WASHINGTON, D.C. - The U.S. Bureau of Land Management (BLM) on Feb. 13 announced its proposed changes to the 2016 Waste Prevention Rule, calling for the rescission of the majority of regulations on oil and gas operators who had been required to control the venting and flaring of methane produced by drilling activities.
COLUMBUS, Ohio - A federal judge in Ohio on Feb. 9 granted a motion by plaintiffs in the multidistrict litigation brought against E.I. du Pont de Nemours and Co. for alleged injuries connected to exposure to perfluorooctanoic acid (known as C8), approving the interim disbursement of $1,787,500 to the claims administrator for services rendered (In re: E.I. du Pont de Nemours and Co. C8 Personal Injury Litigation, MDL No. 2433, No. 13-2433, S.D. Ohio).

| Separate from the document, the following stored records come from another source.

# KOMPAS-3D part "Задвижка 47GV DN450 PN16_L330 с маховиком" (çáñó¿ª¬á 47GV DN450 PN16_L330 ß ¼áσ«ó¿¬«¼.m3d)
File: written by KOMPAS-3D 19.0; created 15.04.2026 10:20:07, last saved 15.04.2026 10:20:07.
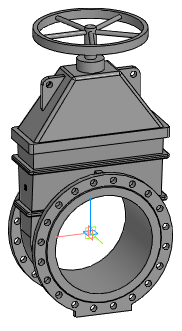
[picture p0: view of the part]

Document properties: Автор: Евгений; Полное имя файла: Z:\3.Личные\kachalov\3d для проектировщиков\2.1 Тип 47GV, 47GV.Z\Задвижка 47GV_DN40-DN600\stp_Задвижка 47GV\Задвижка 47GV DN450 PN16_L330 с маховиком.m3d

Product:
- Part/product: Задвижка 47GV DN450 PN16_L330 с маховиком

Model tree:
1. Операция без истории:1  (labels: Задвижка 47GV DN450 PN16_L330 с маховиком)

NEW ORLEANS - Shell Chemical LP on Feb. 12 entered into a consent decree in Louisiana federal court with the government and Louisiana Department of Environmental Quality (LDEQ) in which the company agreed to spend $10 million to reduce emissions of volatile organic compounds (VOCs) from the use of four industrial flares at its Norco, La., facility (United States of America, et al. v. Shell Chemical LP, No. 18-cv-104, E.D. La.).